Bak musim yang datang silih berganti, tuntutan untuk menyelidiki kasus Priok muncul lagi. Komnas HAM pun membentuk Komisi Penyelidikan Pelanggaran Hak Asasi Manusia untuk Tanjungpriok. Pekan silam, susunan keanggotaan tim itu terbentuk dan Ketua Komnas HAM Djoko Soegianto turun langsung memimpinnya.
Akankah Komisi Hak Asasi Priok memenuhi harapan Yusron dan kawan-kawannya? Jika melihat hasil "Komisi Baharuddin Lopa" yang bekerja dua tahun silam, rasanya nasib "Komisi Djoko Soegianto" belum jelas benar—walaupun ada harapan: kondisi politik negeri memang berbeda jauh dibandingkan dengan suasana pada 1998. Dengan duduknya seorang kiai sebagai Presiden RI, rasanya membuka kasus Priok bukan hal mustahil lagi.
Namun, ini juga bukan hal yang gampang. Pekan lalu, contohnya, Try Sutrisno, Panglima Kodam Jaya ketika kasus Priok meledak, sudah menyatakan menolak jika dipanggil komisi. "Kasus Priok adalah masalah institusi TNI, bukan masalah pribadi," ujarnya. Bekas Panglima ABRI L.B. Moerdani, yang dianggap sebagai kunci penting kasus itu, juga tengah dirawat di rumah sakit, sejak dua pekan silam. Presiden Soeharto, yang memerintah kala itu, juga dikatakan sakit oleh keluarganya.
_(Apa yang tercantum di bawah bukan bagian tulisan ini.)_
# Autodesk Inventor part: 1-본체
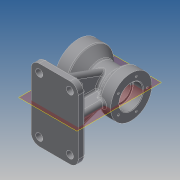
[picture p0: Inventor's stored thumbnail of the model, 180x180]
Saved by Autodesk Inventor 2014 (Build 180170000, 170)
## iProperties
Created: 2015-08
Part Number: 1-본체
Material: Aluminum 6061
Document SubType Name: Modeling
Designer: user
Density: 2.71 g/cm^3
Appearance: Default
Mass: 1055.88 g
Surface Area: 744.791 cm^2
Volume: 389.624 cm^3
Author: user
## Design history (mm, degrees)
sketch "Sketch1"
  geometry: L1 (-45, 0)-(45, 0); L2 (-45, 0)-(-45, 35); L3 (-45, 35)-(-25, 35); L4 (-25, 35)-(-19.804, 26); L5 (-19.804, 26)-(8.315, 26); L6 (8.315, 26)-(25, 40); L7 (25, 40)-(45, 40); L8 (45, 40)-(45, 0); 2 further points
  constraints: 16 end point, 2 horizontal, 1 coincident, 1 midpoint, 1 vertical
  dimensions: "d0" = 90 distance of L1.start L1.end; "d1" = 80 diameter of L7 L1; "d2" = 20 distance of L6.end L7.end; "d3" = 70 diameter of L3 L1; "d4" = 20 distance of L2.end L3.end; "d5" = 120 deg angle of L5 L4; "d6" = 140 deg angle of L6 L5; "d7" = 52 diameter of L5 L1
revolve "Revolution1" sketch "Sketch1" stored, may be unused: angle "d8" = 90 deg
workplane "Work Plane1"
sketch "Sketch2"
  geometry: L1 (-45, -61)-(-45, 61); L2 (-45, -35)-(-45, 35) reference; L3 (-45, 61)-(35, 61); L4 (35, 61)-(35, -61); L5 (35, -61)-(-45, -61); 1 further point
  constraints: 8 end point, 2 midpoint, 1 vertical
  dimensions: "d10" = 122 distance of L1.start L1.end
extrude "Extrusion1" join sketch "Sketch2" distance "d12" = 12; taper "d13" = 0 deg
sketch "Sketch3"
  geometry: L1 (35, -6)-(-25, -6); L2 (-25, -6)-(-25, 6); L3 (-25, 6)-(35, 6); L4 (35, 6)-(35, -6); L5 (35, -6)-(-25, 6); L6 (-25, -6)-(35, 6); 2 further points
  constraints: 12 end point, 2 midpoint
extrude "Extrusion2" join sketch "Sketch3" distance "d14" = 60; taper "d15" = 0 deg
workplane "Work Plane2"
workplane "Work Plane3"
sketch "Sketch10"
  geometry: L1 (70, 50)-(90, 50) reference; L2 (0, 12)-(80, 12) reference; L3 (70, 12)-(76.7, 50); 1 further point
  constraints: 2 end point, 2 point on line
  dimensions: "d112" = 80 deg angle of L2 L3; "d113" = 10 distance of L2.end L3.start
feature "Rib1" sketch "Sketch10" dims "d114" = 1, "d115" = 12, "d116" = 0, "d117" = 0, "d118" = 1, "d119" = 1
sketch "Sketch4"
  geometry: L1 (122, 0)-(0, 0) reference; L2 (0, 0)-(0, 12) reference; L3 (122, 12)-(0, 12) reference; L4 (122, 0)-(122, 12) reference; L5 (10, 12)-(35.909, 83.185); L6 (86.091, 83.185)-(112, 12); L7 (10, 12)-(112, 12); A1 r 26 centre (61, 90) between (67, 64.702) and (55, 64.702) reference; A2 r 26 centre (61, 90) between (35.909, 83.185) and (86.091, 83.185); 1 further point
  constraints: 6 end point, 4 point on circle, 2 point on line, 1 centre point, 1 coincident
  dimensions: "d16" = 70 deg angle of L3 L5; "d17" = 70 deg angle of L3 L6; "d18" = 10 distance of L3.start L6.end; "d19" = 10 distance from line of L5.start L2
extrude "Extrusion3" join sketch "Sketch4" stored distance "d20" = 12; taper "d21" = 0 deg
sketch "Sketch5"
  geometry: L1 (45, -61)-(45, 61) reference; L2 (-35, -61)-(45, -61) reference; 5 further points
  constraints: 2 horizontal alignment, 2 vertical alignment
  dimensions: "d22" = 94 distance of point (-21, -47) point (-21, 47); "d23" = 52 distance of point (31, -47) point (-21, -47); "d24" = 14 distance from line of L1 point (31, -47); "d25" = 14 distance from line of L2 point (-21, -47)
hole "Hole1" sketch "Sketch5" at (-21, 47), (31, 47), (31, -47), (-21, -47) diameter "d26" = 12; stored, may be unused: countersink angle "d30" = 90 deg, drill point angle "d32" = 118 deg; dims "d27" = 6, "d28" = 4, "d29" = 2, "d31" = 8
fillet "Fillet1" dims "d33" = 14, "d34" = 6
fillet "Fillet2" dims "d35" = 3
fillet "Fillet3" dims "d36" = 5
hole "Hole2" diameter "d39" = 40; stored, may be unused: countersink angle "d43" = 90 deg, drill point angle "d45" = 0 deg; dims "d37" = 10, "d38" = 10, "d40" = 6, "d41" = 4, "d42" = 2, "d44" = 17
hole "Hole3" diameter "d48" = 52; stored, may be unused: countersink angle "d52" = 90 deg, drill point angle "d54" = 0 deg; dims "d46" = 10, "d47" = 10, "d49" = 6, "d50" = 4, "d51" = 2, "d53" = 20
hole "Hole4" diameter "d57" = 38; stored, may be unused: countersink angle "d61" = 90 deg, drill point angle "d63" = 0 deg; dims "d55" = 10, "d56" = 10, "d58" = 6, "d59" = 4, "d60" = 2, "d62" = 3
hole "Hole5" diameter "d66" = 32; stored, may be unused: countersink angle "d70" = 90 deg, drill point angle "d72" = 0 deg; dims "d64" = 10, "d65" = 10, "d67" = 6, "d68" = 4, "d69" = 2, "d71" = 3
sketch "Sketch6"
  geometry: C1 r 35 at (0, 0) reference; 2 further points
  constraints: 1 coincident, 1 vertical alignment, 2 other
hole "Hole6" sketch "Sketch6" at (0, 27) diameter "d73" = 3.242; stored, may be unused: countersink angle "d77" = 90 deg, drill point angle "d79" = 118 deg; dims "d74" = 10, "d75" = 4, "d76" = 2, "d78" = 13
pattern_circular "Circular Pattern1" dims angle "d81" = 360 deg
sketch "Sketch7"
  geometry: C1 r 40 at (0, 0) reference; 2 further points
  constraints: 1 coincident, 1 vertical alignment, 2 other
hole "Hole7" sketch "Sketch7" at (0, 33) diameter "d83" = 3.242; stored, may be unused: countersink angle "d87" = 90 deg, drill point angle "d89" = 118 deg; dims "d84" = 10, "d85" = 4, "d86" = 2, "d88" = 13
pattern_circular "Circular Pattern2" dims angle "d91" = 360 deg
fillet "Fillet4" dims "d93" = 0.3, "d94" = 3
chamfer "Chamfer1" distance "d95" = 1; stored, may be unused: second distance "d96" = 2, angle "d97" = 45 deg
sketch "Sketch8"
  geometry: L1 (-13, -3)-(-2, -3) reference; L2 (-6, 0)-(-6, 37) reference; 2 further points
  constraints: 1 other
  dimensions: "d98" = 24 distance from line of L1 point (10, 21); "d99" = 16 distance from line of L2 point (10, 21)
emboss "Emboss1" sketch "Sketch8" dims "d0" = 90, "d1" = 80, "d2" = 20, "d3" = 70, "d4" = 20, "d5" = 120 deg, "d6" = 140 deg, "d7" = 52, "d100" = 0.5, "d101" = 0
sketch "Sketch9"
  geometry: L1 (-85, 30)-(-85, 36); L2 (-79, 30)-(-79, 36); L3 (-91, 36)-(-91, 30); L4 (-14, 12)-(-108, 12) reference; L5 (-37, 30)-(-37, 36); L6 (-31, 30)-(-31, 36); L7 (-43, 36)-(-43, 30); L8 (-85, 33)-(-37, 33); A1 r 6 centre (-85, 30) between (-91, 30) and (-79, 30); A2 r 6 centre (-85, 36) between (-79, 36) and (-91, 36); A3 r 6 centre (-37, 30) between (-43, 30) and (-31, 30); A4 r 6 centre (-37, 36) between (-31, 36) and (-43, 36); 2 further points
  constraints: 18 end point, 8 point on circle, 8 tangent, 4 centre point, 4 midpoint, 2 parallel, 1 horizontal alignment, 1 vertical alignment
  dimensions: "d102" = 12 distance between parallel lines of L2 L3; "d103" = 18 dimension on A2 A1; "d105" = 18 dimension on A3 A4; "d106" = 12 distance between parallel lines of L7 L6; "d107" = 18 distance from line of L4 L1.start; "d108" = 48 distance of L8.start L8.end; "d109" = 18 distance from line of L4 L5.start
extrude "Extrusion4" cut sketch "Sketch9" stored distance "d110" = 60; taper "d111" = 0 deg
fillet "Fillet5" dims "d120" = 6
fillet "Fillet6" dims "d121" = 3
body "Solid1"
node "Projected Loop1"
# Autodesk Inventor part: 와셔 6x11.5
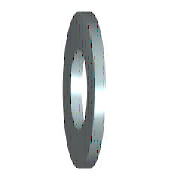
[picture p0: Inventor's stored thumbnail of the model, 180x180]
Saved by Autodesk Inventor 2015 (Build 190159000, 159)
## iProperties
IsCustomPart: 1
Created: 2012-02
Part Number: 와셔 6x11.5
Material: 강철, 연강
Description: 평면 와셔
Document SubType Name: Modeling
Standard: KS B 1326
Designer: mduedu
Standards Organization: KS
Language: ko-KR
Size Designation: 6x11.5
Categories: <MemberInstance><Categories><Category DisplayName="조임쇠" InternalName="e4da775c-781d-43d5-af7c-5136215cf5a6" Mnemonic="FSTN"><Category DisplayName="와셔" InternalN
Density: 1 g/cm^3
Appearance: 분홍색
Author: mduedu
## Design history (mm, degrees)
sketch "스케치"
  geometry: C1 r 5.75 at (0, 0); C2 r 3.2 at (0, 0); 1 further point
  constraints: 2 centre point, 2 coincident
  dimensions: "d0" = 6.4 diameter of C2 (= SD1); "d1" = 11.5 diameter of C1 (= SD2)
extrude "본체" new body sketch "스케치" distance "d2" = 1.6 (= SD); taper "d3" = 0 deg
workaxis "Work Axis1"
workplane "Work Plane1"
body "Solid1"
other parameters: "SD1" = 6.4 [user parameter; used in 1 equation term], "SD2" = 11.5 [user parameter; used in 1 equation term], "SD" = 1.6 [user parameter; used in 1 equation term], "d4" = 0, "d5" = 0, "d6" = 0, "d7" = 0, "NND" = 6 [user parameter]
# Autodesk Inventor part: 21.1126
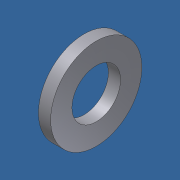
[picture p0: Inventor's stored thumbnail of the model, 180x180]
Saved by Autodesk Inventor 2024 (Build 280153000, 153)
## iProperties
Created: 2006-02
Part Number: 21.1126
Material: Steel, Mild
Description: M6 ROUND WASHER DIN 125-1A
Document SubType Name: Modeling
Standard: DIN 125
Designer: Andy Moles
Standards Organization: DIN
Language: en-US
Size Designation: A 6.4
Categories: <MemberInstance><Categories><Category DisplayName="Fasteners" InternalName="e4da775c-781d-43d5-af7c-5136215cf5a6" Mnemonic="FSTN"><Category DisplayName="Washers
Density: 7.86 g/cm^3
Vendor: S
Mass: 1.01774 g
Surface Area: 2.54343 cm^2
Volume: 0.129484 cm^3
Appearance: Zinc
Author: Andy Moles
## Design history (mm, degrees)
workaxis "Work Axis1"
workplane "Work Plane1"
body "Solid1"
sketch "Sketch"
  geometry: C1 r 6 at (0, 0); C2 r 3.2 at (0, 0); 1 further point
  constraints: 2 centre point, 2 coincident
  dimensions: "d0" = 6.4 diameter of C2 (= SD1); "d1" = 12 diameter of C1 (= SD2)
extrude "Body" new body sketch "Sketch" distance "d2" = 1.6 (= SD); taper "d3" = 0 deg
other parameters: "SD1" = 6.4 [user parameter; used in 1 equation term], "SD2" = 12 [user parameter; used in 1 equation term], "SD" = 1.6 [user parameter; used in 1 equation term], "d4" = 0, "d5" = 0, "d6" = 0, "d7" = 0, "NND" = 6 [user parameter]

Penolakan Try Sutrisno dipandang akan ikut menghambat hasil kerja komisi. A.M. Fatwa, anggota DPR yang juga "korban" tak langsung peristiwa Tanjungpriok, melihat, "Sebagai mantan wakil presiden dan Panglima TNI, Try Sutrisno memiliki jaringan yang punya pengaruh besar untuk menghambat proses pengusutan kasus Priok."
Hambatan tidak hanya itu. Independensi anggota tim juga digugat, misalnya oleh Koalisi Pembela Kasus Priok. "Kami mempertanyakan kredibilitas mantan anggota militer seperti Mayjen (Purn.) Samsuddin yang duduk di komisi," kata M. Benni Biki, adik kandung Amir Biki, tokoh Islam dari Tanjungpriok yang memimpin demonstrasi waktu itu dan ditembak mati tentara. Samsuddin sendiri menyatakan tidak ada hambatan psikologis meski Try Sutrisno adalah bekas teman seangkatannya.
Agar kredibel dan lebih independen, Benni Biki mengusulkan, anggota tim ini ditambah lima, antara lain Hartono Mardjono, salah satu ketua Partai Bulan Bintang, dan Husein Umar, anggota MPR dari PPP. Namun, usul itu ditolak Djoko Soegianto. "Jumlah anggota tidak bisa ditambah. Lagi pula, kami tidak bisa seenaknya mengubah," tuturnya. Lagi pula, kata Djoko, lima nama yang diusulkan Benni Biki bisa saja menjadi narasumber komisi.
Djoko menepis jauh-jauh keraguan orang terhadap komisinya. Barangkali dia tahu bahwa dia "dibeking" perangkat hukum yang kuat, yaitu Undang-Undang Nomor 39 Tahun 1999. Dengan perangkat hukum itu, "Komisi Djoko Soegianto" bisa memanggil siapa saja yang dianggap terlibat—kalau perlu, dengan upaya paksa melalui pengadilan. Tambahan lagi, saksi dan bukti kasus Tanjungpriok kini bermunculan. Soal adanya kuburan massal, misalnya, "Dalam waktu dekat, saya akan membawa saksi lurah yang diperintah mengubur mayat-mayat tersebut," kata Benni Biki.
Dengan semua kelengkapan hukum itu, yang diperlukan "Komisi Djoko Soegianto" untuk mengusut tragedi September 1984 hanyalah kesungguhan dan kerja keras—juga keberanian.